King of Tambralinga
- Reign: 1183–1230
- Predecessor: Sri Dharmasokaraja II
- Successor: Chandrabhanu III
- Born: Indaprasthanagara
- Died: 1230 Nakhon Si Thammarat
- Dynasty: Padmavamsa (Lotus)

= Sri Dharmasokaraja III =

King of Tambralinga from 1183 to 1230

Sri Dharmasokaraja III (ศรีธรรมโศกราชที่ 3), also known as Chandrabhanu II (จันทรภาณุที่ 2) or Vaṃśasurā I (พงษ์สุราหะที่ 1) , was a late 12th–early 13th century monarch of Tambralinga, mentioned in the Legend of Nakhon Si Thammarat. He is said to have succeeded his elder brother, Sri Dharmasokaraja II, in 1183 CE.
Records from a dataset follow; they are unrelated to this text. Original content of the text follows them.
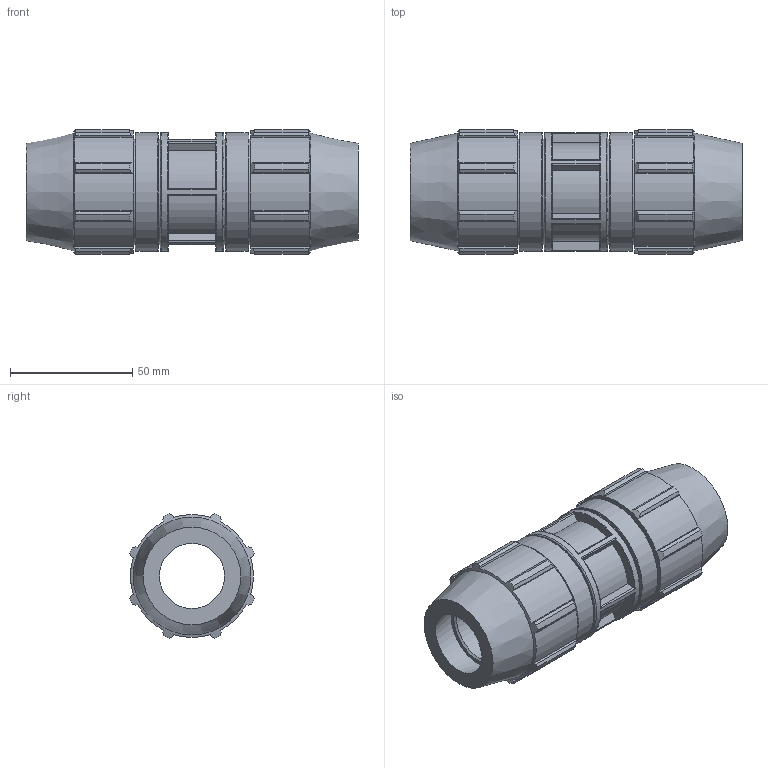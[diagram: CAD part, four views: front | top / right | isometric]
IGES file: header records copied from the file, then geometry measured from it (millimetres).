
Global section: file name: 0761M0007.ipt; native system: Autodesk Inventor 2019; preprocessor: unknown; author: KIM; date: 20210826.124840; units: inch
Bounding box: 135.89 x 50.91 x 50.91 mm (x, y, z)
Volume: 159725.5 mm3; surface area: 39936.3 mm2
Topology: 1 solids, 1 shells, 200 faces, 559 edges, 376 vertices
Faces by surface type: plane 100, cylinder 57, revolution 23, cone 20
Full cylindrical faces by diameter (mm): 43.282 x4, 48.692 x3
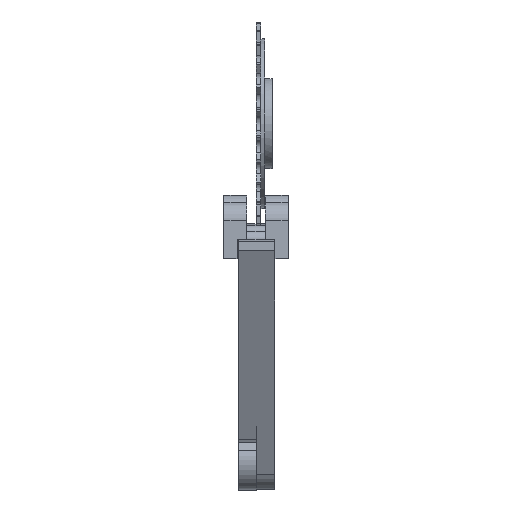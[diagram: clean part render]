
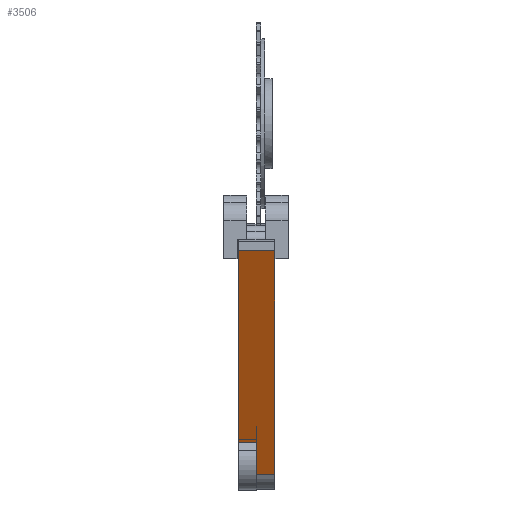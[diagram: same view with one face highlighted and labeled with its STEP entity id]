
A CAD part, top view. The second image highlights one B-rep face of the part: STEP entity #3506.
In plain terms, the highlighted planar face has unit normal (0, -0.447, 0.894) as drawn and (0.447, 0, 0.894) by its records, which use the part's own axes.
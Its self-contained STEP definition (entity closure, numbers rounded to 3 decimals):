
#252=LINE('',#5937,#546);
#258=LINE('',#5948,#552);
#262=LINE('',#5957,#556);
#267=LINE('',#5968,#561);
#269=LINE('',#5977,#563);
#270=LINE('',#5978,#564);
#546=VECTOR('',#4875,10.);
#552=VECTOR('',#4883,10.);
#556=VECTOR('',#4891,10.);
#561=VECTOR('',#4902,10.);
#563=VECTOR('',#4912,10.);
#564=VECTOR('',#4913,10.);
#924=FACE_OUTER_BOUND('',#1125,.T.);
#1125=EDGE_LOOP('',(#3044,#3045,#3046,#3047,#3048,#3049));
#1658=VERTEX_POINT('',#5934);
#1659=VERTEX_POINT('',#5936);
#1663=VERTEX_POINT('',#5946);
#1666=VERTEX_POINT('',#5956);
#1669=VERTEX_POINT('',#5966);
#1672=VERTEX_POINT('',#5976);
#2124=EDGE_CURVE('',#1658,#1659,#252,.T.);
#2130=EDGE_CURVE('',#1663,#1658,#258,.T.);
#2134=EDGE_CURVE('',#1659,#1666,#262,.T.);
#2140=EDGE_CURVE('',#1669,#1663,#267,.T.);
#2144=EDGE_CURVE('',#1669,#1672,#269,.T.);
#2145=EDGE_CURVE('',#1666,#1672,#270,.T.);
#3044=ORIENTED_EDGE('',*,*,#2140,.F.);
#3045=ORIENTED_EDGE('',*,*,#2144,.T.);
#3046=ORIENTED_EDGE('',*,*,#2145,.F.);
#3047=ORIENTED_EDGE('',*,*,#2134,.F.);
#3048=ORIENTED_EDGE('',*,*,#2124,.F.);
#3049=ORIENTED_EDGE('',*,*,#2130,.F.);
#3338=PLANE('',#3947);
#3506=ADVANCED_FACE('',(#924),#3338,.T.);
#3947=AXIS2_PLACEMENT_3D('',#5975,#4910,#4911);
#4875=DIRECTION('',(-0.894,0.,0.447));
#4883=DIRECTION('',(0.,-1.,0.));
#4891=DIRECTION('',(0.,1.,0.));
#4902=DIRECTION('',(-0.894,0.,0.447));
#4910=DIRECTION('center_axis',(0.447,0.,0.894));
#4911=DIRECTION('ref_axis',(0.894,0.,-0.447));
#4912=DIRECTION('',(0.,1.,0.));
#4913=DIRECTION('',(0.894,0.,-0.447));
#5934=CARTESIAN_POINT('',(116.764,-9.55,21.888));
#5936=CARTESIAN_POINT('',(15.572,-9.55,72.484));
#5937=CARTESIAN_POINT('',(133.708,-9.55,13.416));
#5946=CARTESIAN_POINT('',(116.764,0.,21.888));
#5948=CARTESIAN_POINT('',(116.764,0.,21.888));
#5956=CARTESIAN_POINT('',(15.572,9.55,72.484));
#5957=CARTESIAN_POINT('',(15.572,0.,72.484));
#5966=CARTESIAN_POINT('',(133.708,0.,13.416));
#5968=CARTESIAN_POINT('',(133.708,0.,13.416));
#5975=CARTESIAN_POINT('Origin',(15.572,0.,72.484));
#5976=CARTESIAN_POINT('',(133.708,9.55,13.416));
#5977=CARTESIAN_POINT('',(133.708,0.,13.416));
#5978=CARTESIAN_POINT('',(133.708,9.55,13.416));

Thai scholarship has often equated him with Chandrabhanu (III), the ruler renowned for the expansion of Tambralinga’s authority into Lanka; however, Chandrabhanu (III) is generally dated to a reign spanning 1230–1262 CE and is therefore understood to have succeeded Sri Dharmasokaraja III. The precise dynastic relationship between Sri Dharmasokaraja III and Chandrabhanu (III) consequently remains a matter of ongoing scholarly debate, since Chandrabhanu (III) is identified as a son of Kalinga Magha of the Polonnaruwa Kingdom, while at the same time being claimed in some traditions to belong to the same dynastic line as the earlier Sri Dharmasokaraja rulers.